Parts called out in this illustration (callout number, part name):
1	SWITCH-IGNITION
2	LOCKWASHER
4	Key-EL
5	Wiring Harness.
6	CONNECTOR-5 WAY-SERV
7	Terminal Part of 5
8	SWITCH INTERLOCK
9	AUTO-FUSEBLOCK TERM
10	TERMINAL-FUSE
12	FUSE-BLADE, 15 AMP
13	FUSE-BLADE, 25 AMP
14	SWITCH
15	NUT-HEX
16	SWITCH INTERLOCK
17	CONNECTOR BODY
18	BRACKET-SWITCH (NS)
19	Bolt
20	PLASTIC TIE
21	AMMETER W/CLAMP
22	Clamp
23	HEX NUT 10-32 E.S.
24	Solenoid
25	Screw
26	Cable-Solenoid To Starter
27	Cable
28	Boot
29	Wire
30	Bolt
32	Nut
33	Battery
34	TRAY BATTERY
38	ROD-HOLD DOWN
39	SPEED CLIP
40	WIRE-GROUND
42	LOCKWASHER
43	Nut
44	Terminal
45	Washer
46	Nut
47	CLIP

··········

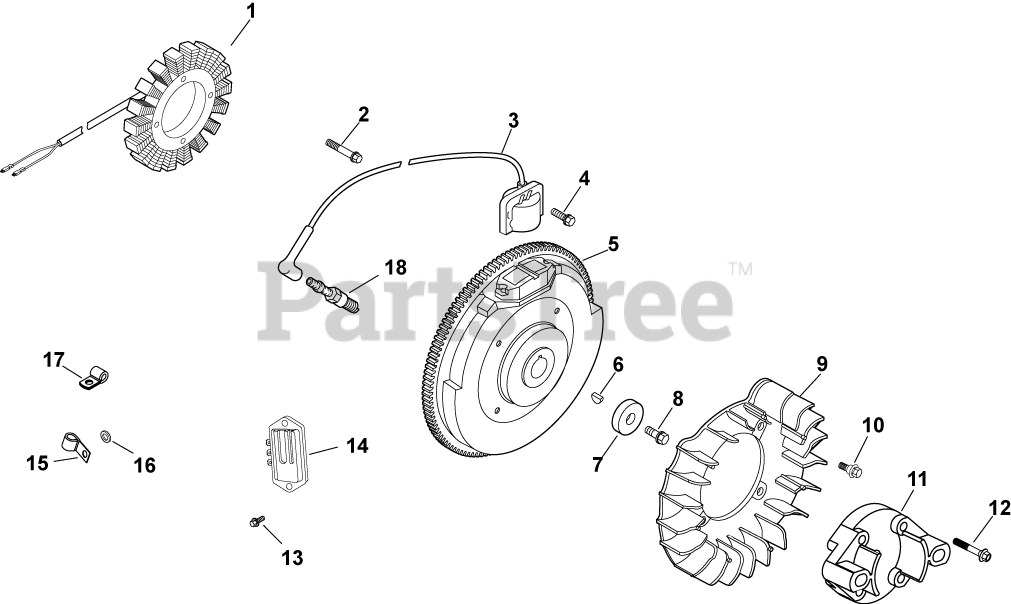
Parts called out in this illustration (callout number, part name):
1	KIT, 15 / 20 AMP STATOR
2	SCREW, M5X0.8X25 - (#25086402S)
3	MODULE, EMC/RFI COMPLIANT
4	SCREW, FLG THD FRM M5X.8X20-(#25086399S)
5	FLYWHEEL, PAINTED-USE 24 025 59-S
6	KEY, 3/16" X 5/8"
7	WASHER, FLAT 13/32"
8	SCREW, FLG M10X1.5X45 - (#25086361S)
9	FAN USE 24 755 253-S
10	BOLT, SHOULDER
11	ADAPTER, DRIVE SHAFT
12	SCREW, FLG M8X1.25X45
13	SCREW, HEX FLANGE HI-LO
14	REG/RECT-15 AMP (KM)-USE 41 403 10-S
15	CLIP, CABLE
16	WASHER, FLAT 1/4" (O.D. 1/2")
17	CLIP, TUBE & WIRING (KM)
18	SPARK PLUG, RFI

··········

Work out how many lines above include the string "SWITCH", then give that number alone.

# Exercise response
5